INSTRUCTIONS FOR THE TASK
Restate word for word the lines that run from the one containing "[diagram p0: schematic sheet]" to the last line of the data, both ends included.

DATA FOR THIS TASK
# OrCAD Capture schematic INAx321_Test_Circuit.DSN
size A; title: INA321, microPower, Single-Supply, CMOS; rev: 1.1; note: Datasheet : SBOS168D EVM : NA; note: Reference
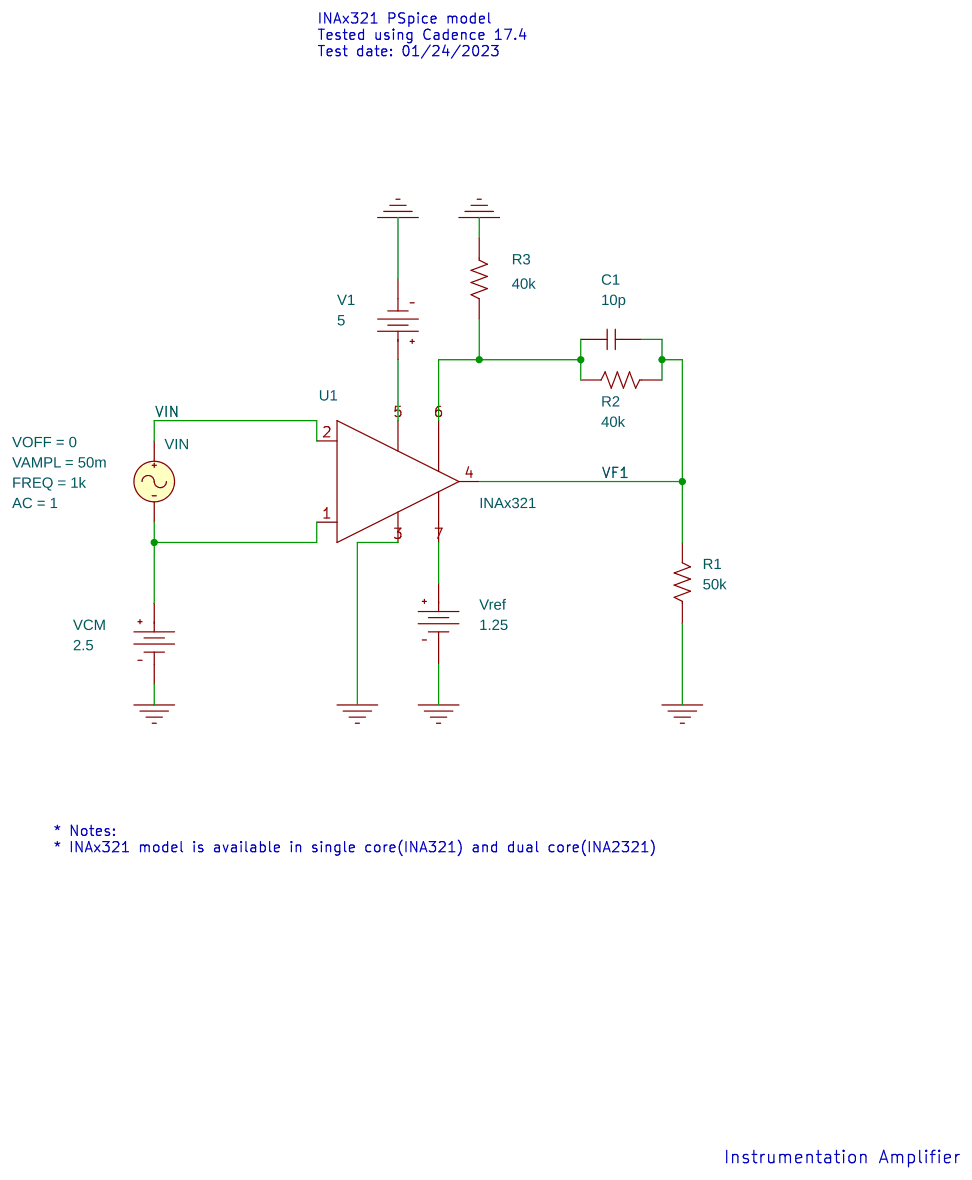
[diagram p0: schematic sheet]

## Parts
C1  10p  [RAD/CK05]
R1  50k  [AX/RC05]
R2  40k  [AX/RC05]
R3  40k  [AX/RC05]
U1  INAx321
V1  VDC
VCM  VDC
VIN  VSIN
Vref  VDC

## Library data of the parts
C1 = C
R1-R3 = R
U1 = INAx321
V1 = VDC: DC: 5
VCM = VDC: DC: 2.5
VIN = VSIN: AC: 1; FREQ: 1k; VAMPL: 50m; VOFF: 0
Vref = VDC: DC: 1.25

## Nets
VIN: U1.2(-) VIN.1(+)
0: R1.1 R3.1 U1.3(V-) V1.1(-) VCM.1(-) Vref.1(-)
VF1: C1.2 R1.2 R2.1 U1.4(OUT)
N01574: U1.1(+) VCM.0(+) VIN.2(-)
N14287329: C1.1 R2.2 R3.2 U1.6(RG)
N14288518: U1.7(REF) Vref.0(+)
N14292365: U1.5(V+) V1.0(+)

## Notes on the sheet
- INAx321 PSpice model
  Tested using Cadence 17.4
  Test date: 01/24/2023
- * Notes:
  * INAx321 model is available in single core(INA321) and dual core(INA2321)
- Instrumentation Amplifier

WRITTEN RESPONSE
[diagram p0: schematic sheet]

## Parts
C1  10p  [RAD/CK05]
R1  50k  [AX/RC05]
R2  40k  [AX/RC05]
R3  40k  [AX/RC05]
U1  INAx321
V1  VDC
VCM  VDC
VIN  VSIN
Vref  VDC

## Library data of the parts
C1 = C
R1-R3 = R
U1 = INAx321
V1 = VDC: DC: 5
VCM = VDC: DC: 2.5
VIN = VSIN: AC: 1; FREQ: 1k; VAMPL: 50m; VOFF: 0
Vref = VDC: DC: 1.25

## Nets
VIN: U1.2(-) VIN.1(+)
0: R1.1 R3.1 U1.3(V-) V1.1(-) VCM.1(-) Vref.1(-)
VF1: C1.2 R1.2 R2.1 U1.4(OUT)
N01574: U1.1(+) VCM.0(+) VIN.2(-)
N14287329: C1.1 R2.2 R3.2 U1.6(RG)
N14288518: U1.7(REF) Vref.0(+)
N14292365: U1.5(V+) V1.0(+)

## Notes on the sheet
- INAx321 PSpice model
  Tested using Cadence 17.4
  Test date: 01/24/2023
- * Notes:
  * INAx321 model is available in single core(INA321) and dual core(INA2321)
- Instrumentation Amplifier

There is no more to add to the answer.